Finally, results with eGFR and ACR as continuous variables were consistent with categorical analyses. The increase in adjusted rate per 10–mL/min/1.73 m2 decrease in eGFR was most pronounced for the outcome end-stage renal disease, followed by doubling of serum creatinine, myocardial infarction, and all-cause mortality (increase in rates, 2.17 [95% CI, 2.02-2.34], 1.15 [95% CI, 1.10-1.19], 1.09 [95% CI, 1.05-1.12], and 1.04 [95% CI, 1.03-1.06], respectively). Similar findings were seen per 10-fold increase in ACR with an increase in adjusted rates of 1.92 (95% CI, 1.81-2.04), 1.76 (95% CI, 1.70-1.82), 1.18 (95% CI, 1.14-1.21), and 1.22 (95% CI, 1.21-1.24), respectively, for initiation of renal replacement therapy, doubling of serum creatinine, myocardial infarction, and all-cause mortality.

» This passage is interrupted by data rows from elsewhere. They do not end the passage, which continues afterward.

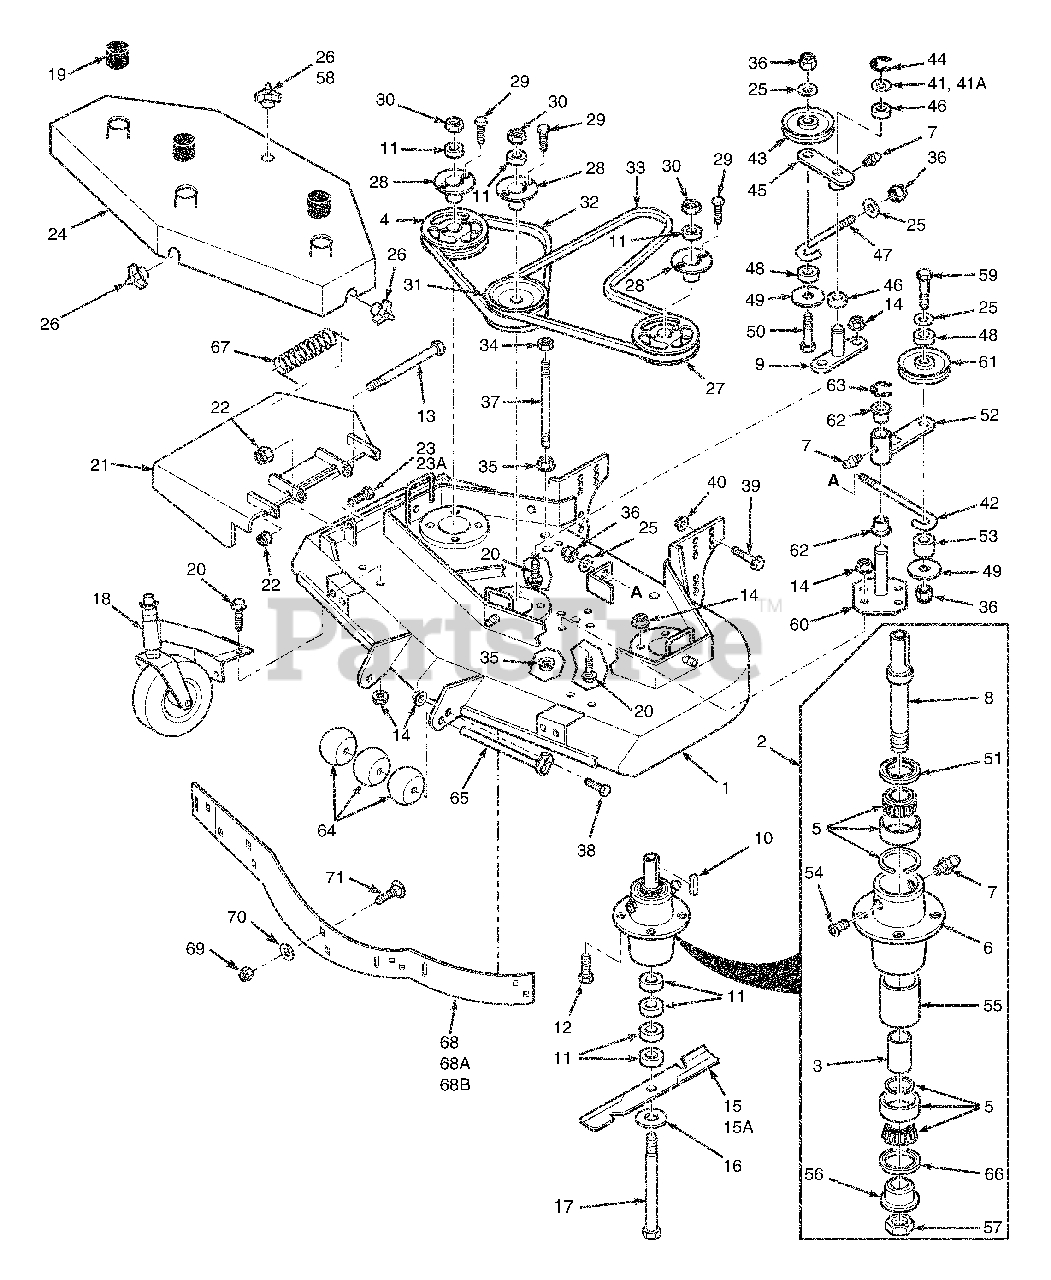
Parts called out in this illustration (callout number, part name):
1	Cutter Deck
2	Spindle Assembly
3	Spacer, Inside
4	Pulley
5	Tapered Bearing (Two)
6	Spindle Housing
7	Grease Fitting Str. 5/16
8	Spindle Shaft, Tapered Brng
9	Idler Pivot
10	Key, 1/4 x 1/4 x 2"
11	Spacer, Cutter Blade - Small
12	Bolt, 5/16-18 x 1-1/4" Hex Head
13	Bolt, 5/16-18 x 4-3/4" Hex Head
14	Serrated Flange Nut, 5/16-18
15	Cutter Blade 18"
15A	Cutter Blade 18" Hi Lift
16	Flatwasher,5/8" (.688 x 1.75 x .134)
17	Hex Head Bolt, 5/8-11 x 9-1/2"
18	Caster Assembly
19	Spindle Shield
20	Capscrew, 5/16-18 x 3/4"
21	Discharge Chute
22	Nut, 5/16-18 Elastic Elastic Stop
23	Bolt, 5/16-18 x 1-1/2" Hex
23A	Bolt, 5/16-18 x 1-3/4" Hex
24	Belt Cover
25	Flat Washer, 3/8" Special
26	Wing Nut, 3/8-16 (Large)
27	Pulley
28	Tapered Hub
29	Bolt, 1/4-20 x 3/4" Hex Head
30	Nut, 5/8-11 Hex
31	Pulley, Double
32	Belt, RH Blade Drive
33	Belt, Blade Drive
34	Nut, 3/8-16, Nut Centerlock
35	Nut, 3/8-16, Serrated Flange
36	Nut, 3/8-16 Elastic Stop
37	Support, Belt Cover
38	Bolt, 5/16-18 x 1" Hex Head
39	Cpscrw,1/2-13 x 1" Ser Flng Hex Hd
40	Nut, 1/2-13 Spiralock
41	Flat Washer 3/4" Special
41A	Flat Washer 3/4" Special
42	J-Hook
43	Idler Pulley, "V" Groove
44	Retaining Ring, 3/4" Ext."E"
45	Idler Arm Assy.
46	Bronze Bearing
47	J-Rod, Idler Pulley
48	Spacer, J-Rod
49	Washer, 3/8 x 1-1/2 x 16 ga.
50	Bolt, 3/8-16 x 2-1/4" Hex Head
51	Seal, Cutter Spindle
52	Idler Arm Assy
53	Spacer, J-Rod
54	Relief Fitting, Cutter Spindle
55	Spacer, Outside, Cutter Spindle
56	Spindle Bushing
57	Nut, Cutter Spindle
58	Wing Nut, 3/8-16 (Small) Top Side
59	Bolt, 3/8-16 x 3-1/2" Hex Head
60	Idler Pivot
61	Idler Pulley, Belt Clutch
62	Bronze Bearing
63	Retaining Ring
64	Guide Roller
65	Roller Shaft
66	Seal, Cutter Spindle
67	Spring, Chute Return
68B	Baffle Weldment 61A
69	Nut, Hex Elastic Stop 3/8-16
70	Flatwasher, 3/8" (.391 x .938 x .105)
71	Bolt, Carriage 3/8-16 x 1"
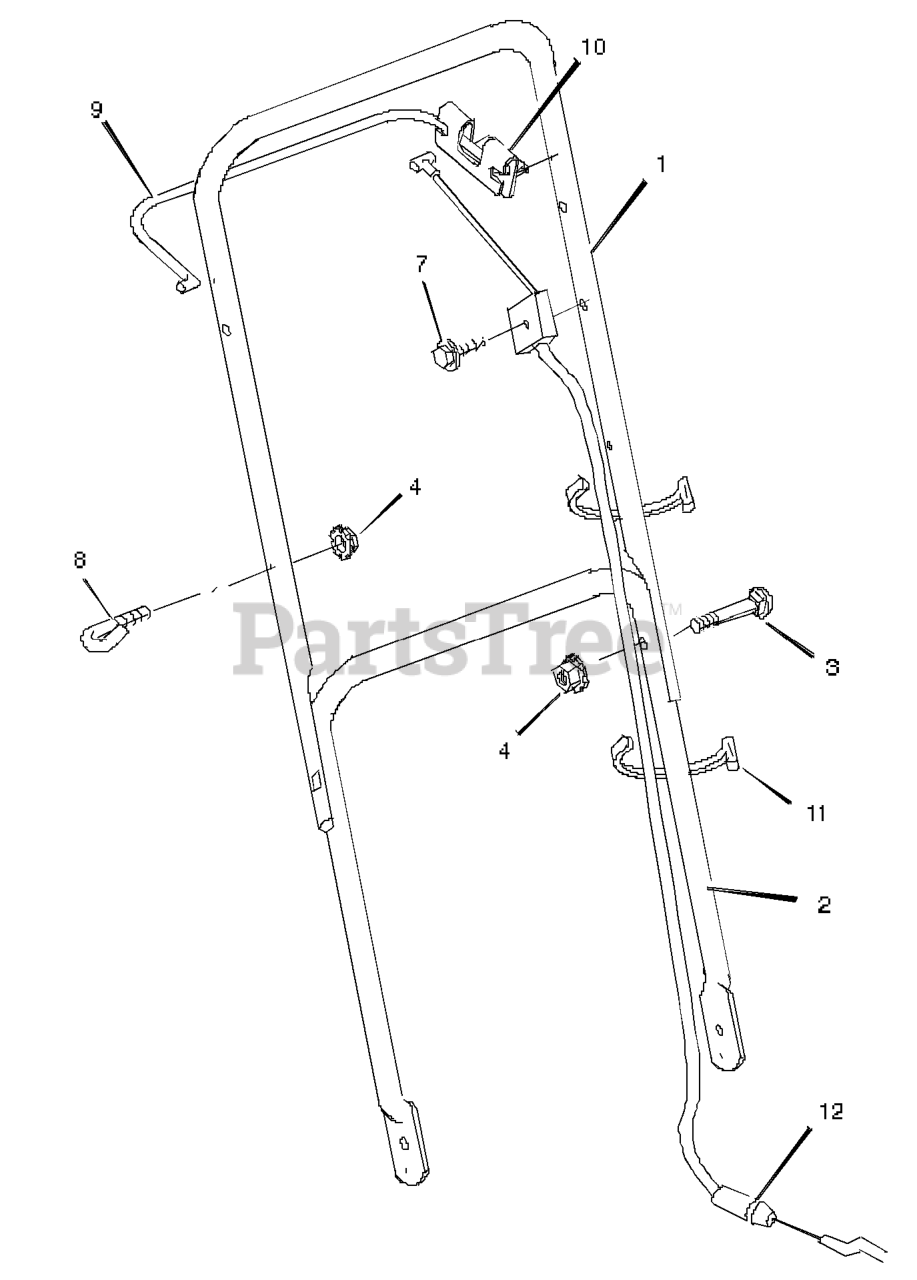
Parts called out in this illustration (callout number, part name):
1	Handle, Upper
2	Handle, Lower
4	Locknut
8	GUIDE, ROPE
9	Lever, Engine Stop
10	Bracket, Stop Lever
11	Fastener, Cable
12	Engine Stop Cable
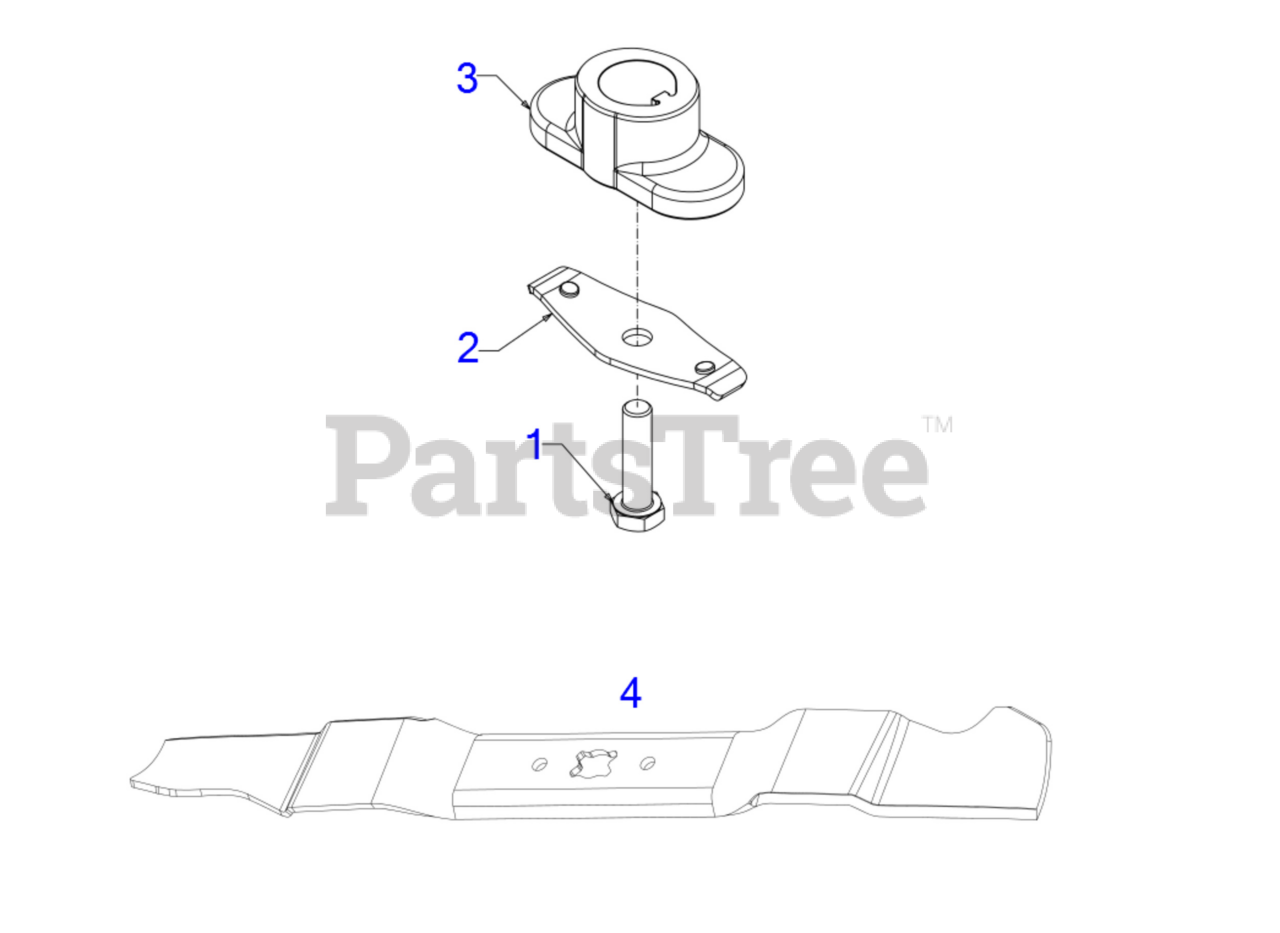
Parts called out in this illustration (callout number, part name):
1	SCREW 3/8-24 x 1.50 GR8
2	BLADE BELL SUPPORT
3	BLADE ADAPTER 25MM x 1.19
4	21" BLADE (MULCH)

In this large, community-based cohort of all adults undergoing laboratory testing in a single Canadian province, we demonstrated that prognosis associated with a given level of eGFR varies substantially based on the presence and severity of proteinuria. In fact, patients with heavy proteinuria but without overtly abnormal eGFR appeared to have worse clinical outcomes than those with moderately reduced eGFR but without proteinuria. Results were consistent for 2 different measures of proteinuria; consistent for several clinically relevant outcomes, including all-cause mortality, myocardial infarction, and the need for renal replacement; and robust to multivariable adjustment and a variety of sensitivity analyses.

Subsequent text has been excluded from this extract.